Ia mengatakan Rohingya adalah tragedi kemanusiaan yang secara etis dan politik menuntut dunia internasional untuk melakukan intervensi kemanusiaan.

"Negara-negara ASEAN tidak bisa berlindung di balik prinsip menghormati kedaulatan Myanmar atas tragedi ini," kata Hendardi.

Menurut dia, pembiaran dunia internasional atas Rohingya diduga kuat memiliki motivasi politik ekonomi kawasan sehingga Aun San Su Kyi terus memeroleh proteksi politik karena belum ada rezim pengganti yang potensial dan akomodatif menjaga kepentingan sejumlah negara-negara yang memiliki kepentingan kuat.

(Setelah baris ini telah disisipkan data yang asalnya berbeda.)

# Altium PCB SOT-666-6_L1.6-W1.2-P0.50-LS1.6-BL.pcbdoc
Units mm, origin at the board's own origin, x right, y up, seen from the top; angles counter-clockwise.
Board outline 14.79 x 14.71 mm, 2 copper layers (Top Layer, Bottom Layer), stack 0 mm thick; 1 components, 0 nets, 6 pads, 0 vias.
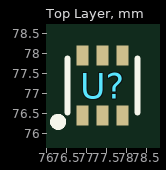
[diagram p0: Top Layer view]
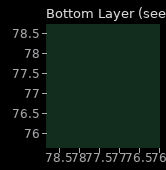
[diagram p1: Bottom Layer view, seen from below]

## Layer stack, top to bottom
Top Layer: signal copper (thickness not stored)
Bottom Layer: signal copper (thickness not stored)

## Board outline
84.638,69.85 69.85,69.85 69.85,84.558 84.638,84.558

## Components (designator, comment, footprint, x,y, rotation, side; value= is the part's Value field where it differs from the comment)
U? "" SOT-666-6_L1.6-W1.2-P0.50-LS1.6-BL 77.411,77.208 r0 top

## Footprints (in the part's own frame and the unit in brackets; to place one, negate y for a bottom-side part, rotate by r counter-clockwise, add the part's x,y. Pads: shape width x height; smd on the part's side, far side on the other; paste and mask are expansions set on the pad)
SOT-666-6_L1.6-W1.2-P0.50-LS1.6-BL [mm]
  rect 0.3x0.5 smd: 1(-0.5,-0.75) 2(0,-0.75) 3(0.5,-0.75) 4(0.5,0.75) 5(0,0.75) 6(-0.5,0.75)
  silkscreen extent -1.21,-1.01 0.88,0.68

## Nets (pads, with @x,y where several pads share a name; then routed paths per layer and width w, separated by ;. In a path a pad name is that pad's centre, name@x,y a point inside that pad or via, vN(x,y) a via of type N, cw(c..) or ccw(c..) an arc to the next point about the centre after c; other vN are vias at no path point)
pads on no net: U?.1 U?.2 U?.3 U?.4 U?.5 U?.6
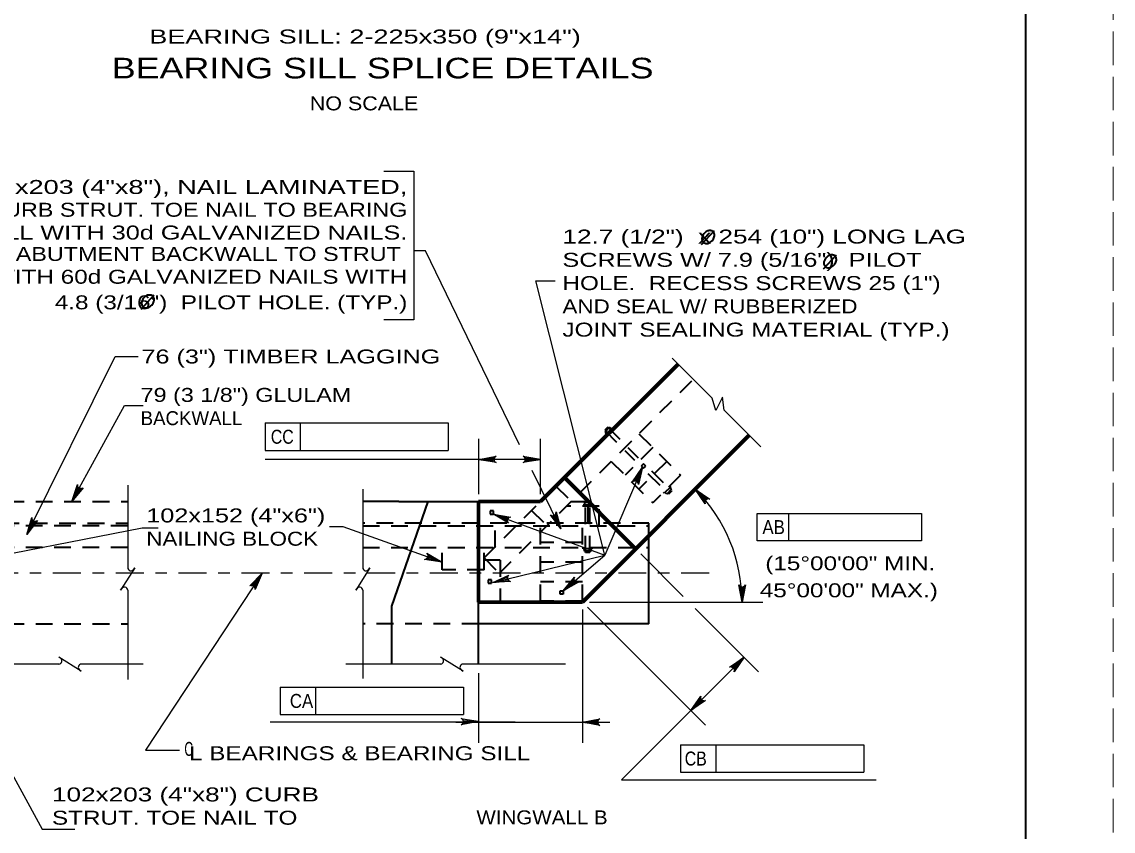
# Model space of a CAD drawing. Extents: x -6.4 to 73.1, y -66 to 0.
# Drawn here: x 58.62 to 68, y -35.45 to -28.5 of the extents above; entities that cross this region are included whole.
import ezdxf
from ezdxf.enums import TextEntityAlignment as Align

# ---------------------------------------------------------------- set-up
doc = ezdxf.new("R2010")
doc.units = 0
doc.header["$LTSCALE"] = 0.048
for name, pattern in [('DOT_DASHED', [7.7, 5, -1.2, 0.3, -1.2]), ('LONG_DASHED', [7.5, 6, -1.5]), ('MEDIUM_DASHED', [4.5, 3, -1.5])]:
    doc.linetypes.add(name, pattern=pattern)
for name, color, linetype, lineweight in [('1', 7, 'Continuous', 13), ('3', 7, 'Continuous', 35), ('4', 7, 'Continuous', 25), ('5', 7, 'Continuous', 25), ('52', 7, 'Continuous', 25), ('63', 7, 'LONG_DASHED', 13), ('8', 7, 'Continuous', 25)]:
    doc.layers.add(name, color=color, linetype=linetype, lineweight=lineweight)

msp = doc.modelspace()

# ---------------------------------------------------------------- hatches: boundary and pattern name
at = {"layer": '4'}
for points in [[(62.66542, -32.23733), (62.66542, -32.27675), (62.54733, -32.25708)], [(62.96075, -32.23733), (62.96075, -32.27675), (63.07883, -32.25708)], [(63.95383, -32.32417), (63.8985, -32.429), (63.91667, -32.43675)], [(64.47367, -32.61442), (64.50267, -32.58775), (64.40833, -32.51408)], [(62.67242, -32.728), (62.77983, -32.77808), (62.78658, -32.75958)], [(63.25325, -32.85558), (63.21, -32.74525), (63.19233, -32.75392)], [(60.68408, -33.23625), (60.61092, -33.3295), (60.62733, -33.34033)], [(63.27392, -33.388), (63.37, -33.31867), (63.35725, -33.30367)], [(64.825, -33.36592), (64.78567, -33.36758), (64.81042, -33.48475)], [(64.72983, -34.02833), (64.75767, -34.05617), (64.82725, -33.95875)], [(64.439, -34.31908), (64.46683, -34.347), (64.36942, -34.41658)], [(63.55575, -34.49658), (63.55575, -34.53592), (63.43767, -34.51625)]]:
    msp.add_hatch(color=256, dxfattribs=at).paths.add_polyline_path(points)

# ---------------------------------------------------------------- linework, layer by layer
at = {"layer": '1', "lineweight": 35}
msp.add_lwpolyline([(35.75, -43.25), (67.25, -43.25), (67.25, -22.75), (35.75, -22.75)], close=True, dxfattribs=at)
at = {"layer": '3', "lineweight": 25}
for p, q in [((64.20858, -31.38625), (64.553, -31.73058)), ((64.58625, -31.83617), (64.553, -31.73058)), ((64.6425, -31.72375), (64.58625, -31.83617)), ((64.6555, -31.83308), (64.6425, -31.72375)), ((64.6555, -31.83308), (64.97058, -32.14825))]:
    msp.add_line(p, q, dxfattribs=at)
at = {"layer": '3', "lineweight": 70}
for p, q in [((63.07883, -32.61867), (64.25992, -31.43758)), ((63.43767, -33.48475), (64.87242, -32.05)), ((63.283, -32.4145), (63.8955, -33.02692)), ((62.5455, -32.61867), (63.07883, -32.61867)), ((62.5455, -33.48475), (62.5455, -32.61867)), ((62.5455, -33.48475), (63.43767, -33.48475))]:
    msp.add_line(p, q, dxfattribs=at)
at = {"layer": '3', "linetype": 'MEDIUM_DASHED'}
for p, q in [((63.41458, -32.546), (64.3915, -31.56908)), ((63.67142, -31.98133), (63.63042, -32.02233)), ((63.6565, -31.98133), (63.63042, -32.00742)), ((63.6565, -31.98133), (63.91867, -32.2435)), ((63.67142, -31.98133), (63.68633, -31.99625)), ((63.63042, -32.00742), (63.88633, -32.26342)), ((63.63042, -32.02233), (63.64533, -32.03725)), ((63.69375, -31.98883), (63.63792, -32.04475)), ((63.63792, -32.04475), (63.64533, -32.05217)), ((63.69375, -31.98883), (63.70125, -31.99625)), ((63.92408, -32.0365), (64.28108, -32.3935)), ((64.04333, -32.15575), (63.80483, -32.39425)), ((63.68558, -32.275), (64.04258, -32.632)), ((64.16225, -32.27467), (63.92367, -32.51317)), ((64.03083, -32.35567), (64.20467, -32.5295)), ((64.00158, -32.37858), (64.17858, -32.55558)), ((64.28108, -32.3935), (64.04258, -32.632)), ((62.72433, -33.23625), (63.41458, -32.546)), ((63.21042, -32.48708), (63.34192, -32.61867)), ((64.16367, -32.55558), (64.14875, -32.54075)), ((64.20467, -32.51467), (64.16367, -32.55558)), ((64.20467, -32.5295), (64.17858, -32.55558)), ((64.19725, -32.49225), (64.18975, -32.48483)), ((64.20467, -32.51467), (64.18975, -32.49975)), ((62.59275, -33.10475), (63.07883, -32.61867)), ((63.45467, -32.62925), (63.45467, -32.65033)), ((63.51267, -32.62925), (63.45467, -32.62925)), ((63.50208, -32.61867), (63.46525, -32.61867)), ((63.46525, -33.05775), (63.46525, -32.61867)), ((63.50208, -33.05775), (63.50208, -32.61867)), ((63.51267, -32.62925), (63.51267, -32.65033)), ((63.00158, -32.696), (63.13308, -32.8275)), ((63.58208, -32.66083), (63.30492, -32.66083)), ((63.44417, -32.65033), (63.44417, -32.66083)), ((63.52317, -32.65033), (63.44417, -32.65033)), ((63.52317, -32.65033), (63.52317, -32.66083)), ((63.58208, -32.8295), (63.58208, -32.66083)), ((59.52958, -32.8275), (56.25708, -32.8275)), ((61.55017, -32.8275), (64.0085, -32.8275)), ((62.68917, -33.0135), (62.68917, -32.8275)), ((63.07675, -33.47708), (63.07675, -32.80467)), ((63.22117, -32.8295), (63.22117, -32.74467)), ((63.43767, -33.47708), (63.43767, -32.80467)), ((64.0085, -33.0135), (64.0085, -32.8275)), ((59.52958, -33.0135), (56.25708, -33.0135)), ((61.55017, -33.0135), (64.0085, -33.0135)), ((62.23192, -33.20592), (62.23192, -33.0135)), ((62.59283, -33.20592), (62.59283, -33.0135)), ((63.43767, -32.97275), (63.07675, -32.97275)), ((63.44417, -33.02608), (63.44417, -33.01558)), ((63.52317, -33.02608), (63.52317, -33.01558)), ((62.59275, -33.10475), (62.72433, -33.23625)), ((63.52317, -33.02608), (63.44417, -33.02608)), ((63.45467, -33.04717), (63.45467, -33.02608)), ((63.51267, -33.04717), (63.45467, -33.04717)), ((63.50208, -33.05775), (63.46525, -33.05775)), ((63.51267, -33.04717), (63.51267, -33.02608)), ((62.59283, -33.20592), (62.23192, -33.20592)), ((62.73158, -33.12383), (62.5455, -33.12383)), ((62.73158, -33.12383), (62.73158, -33.48475)), ((63.43767, -33.14092), (63.07675, -33.14092)), ((63.43767, -33.309), (63.07675, -33.309)), ((63.43767, -33.47708), (63.07675, -33.47708))]:
    msp.add_line(p, q, dxfattribs=at)
at = {"layer": '3', "linetype": 'MEDIUM_DASHED', "lineweight": 40}
for p, q in [((57.76425, -32.61867), (59.52958, -32.61867)), ((63.34192, -32.61867), (63.48717, -32.61867)), ((63.48717, -32.80467), (63.48717, -32.61867)), ((56.25708, -32.80467), (59.52958, -32.80467)), ((64.0085, -32.80467), (61.55017, -32.80467))]:
    msp.add_line(p, q, dxfattribs=at)
at = {"layer": '3', "lineweight": 40}
for p, q in [((61.85883, -32.61867), (61.55017, -32.61867)), ((61.85883, -32.61867), (62.5455, -32.61867)), ((64.0085, -33.67133), (64.0085, -32.80467)), ((64.0085, -33.67083), (62.5455, -33.67083))]:
    msp.add_line(p, q, dxfattribs=at)
at = {"layer": '3', "linetype": 'DOT_DASHED', "lineweight": 25}
msp.add_line((64.52733, -33.23625), (55.73008, -33.23625), dxfattribs=at)
at = {"layer": '3'}
msp.add_line((62.5455, -34.01658), (62.5455, -33.48475), dxfattribs=at)
at = {"layer": '3', "linetype": 'MEDIUM_DASHED'}
for points in [[(63.96367, -32.334), (63.98342, -32.31433), (63.96367, -32.29458), (63.94392, -32.31433)], [(62.6445, -32.728), (62.67242, -32.728), (62.67242, -32.70008), (62.6445, -32.70008)], [(62.62892, -33.32075), (62.65683, -33.32075), (62.65683, -33.29283), (62.62892, -33.29283)], [(63.27392, -33.41592), (63.246, -33.41592), (63.246, -33.388), (63.27392, -33.388)]]:
    msp.add_lwpolyline(points, close=True, dxfattribs=at)
msp.add_lwpolyline([(64.19725, -32.49225), (64.14133, -32.54817), (64.13383, -32.54075)], dxfattribs=at)
at = {"layer": '3'}
msp.add_lwpolyline([(61.80142, -34.01658), (61.80142, -33.52), (62.1115, -32.61867)], dxfattribs=at)
at = {"layer": '4'}
for p, q in [((61.72983, -29.77925), (61.98875, -29.77925)), ((58.66367, -32.90358), (59.42108, -31.37392)), ((59.42108, -31.37392), (59.61875, -31.37392)), ((60.71058, -31.9445), (62.28542, -31.9445)), ((60.71058, -31.9445), (60.71058, -32.18075)), ((61.01308, -31.9445), (61.01308, -32.18075)), ((62.28542, -31.9445), (62.28542, -32.18075)), ((62.54733, -32.55708), (62.54733, -32.07992)), ((63.07883, -32.55708), (63.07883, -32.07992)), ((60.71058, -32.18075), (62.28542, -32.18075)), ((63.07883, -32.25708), (60.71075, -32.25708)), ((63.25325, -32.85558), (63.00658, -32.35375)), ((62.67242, -32.728), (63.63167, -33.08167)), ((64.93917, -32.95892), (64.93917, -32.72267)), ((64.93917, -32.72267), (66.35117, -32.72267)), ((65.21292, -32.95892), (65.21292, -32.72267)), ((66.35117, -32.72267), (66.35117, -32.95892)), ((66.35117, -32.95892), (64.93917, -32.95892)), ((62.66833, -33.31425), (63.63167, -33.08167)), ((63.27392, -33.388), (63.63167, -33.08167)), ((63.93892, -33.07042), (64.30433, -33.43583)), ((57.7, -33.43217), (58.79408, -35.43508)), ((63.49917, -33.48475), (64.98758, -33.48475)), ((63.43767, -33.54633), (63.43767, -34.69342)), ((63.48117, -33.52825), (64.49467, -34.54183)), ((64.40708, -33.53867), (64.9525, -34.084)), ((64.82725, -33.95875), (64.36942, -34.41658)), ((62.5455, -34.0955), (62.5455, -34.69342)), ((60.84042, -34.21533), (62.41525, -34.21533)), ((60.84042, -34.21533), (60.84042, -34.45158)), ((61.14283, -34.21533), (61.14283, -34.45158)), ((62.41525, -34.21533), (62.41525, -34.45158)), ((64.36942, -34.41658), (63.774, -35.012)), ((62.86008, -34.51625), (60.75433, -34.51625)), ((60.84042, -34.45158), (62.41525, -34.45158)), ((62.34875, -34.51625), (63.43767, -34.51625)), ((63.43767, -34.51625), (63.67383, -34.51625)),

Meski demikian, kata dia, krisis Rohingya lebih merupakan krisis yang lebih besar didorong oleh dinamika politik dalam negeri Myanmar. Dengan demikian, potensi gangguan keamanan terhadap kawasan tidak akan menyebar sebagaimana penyebaran kelompok ideologis ISIS.

Namun, lanjutnya, antisipasi tetap harus dilakukan karena biasanya kelompok seperti ISIS menjadikan wilayah konflik sebagai sasaran mereka untuk mengumbar radikalismenya.

"Yang pasti akan makin banyak pencari suaka ke Indonesia dan sejumlah kawasan lain. Para pencari suaka adalah problem human security dan kewajiban negara-negara untuk mencari resolusi terbaik bagi Rohingya," kata Hendardi.

Hendardi mengindikasikan keterlibatan tentara Myanmar dalam krisis Rohingya, dan itu menjadi bukti bahwa kekerasan itu dipelopori oleh negara. Karena itu, selain intervensi kemanusiaan, advokasi Myanmar juga sangat dimungkinkan karena genosida merupakan salah satu kejahatan internasional yang termasuk kompetensi absolut International Criminal Court (ICC) dengan yurisdiksi internasional.

"Atas nama kemanusiaan, pemerintah Indonesia harus menjadi pelopor penanganan Rohingya," tandas Hendardi.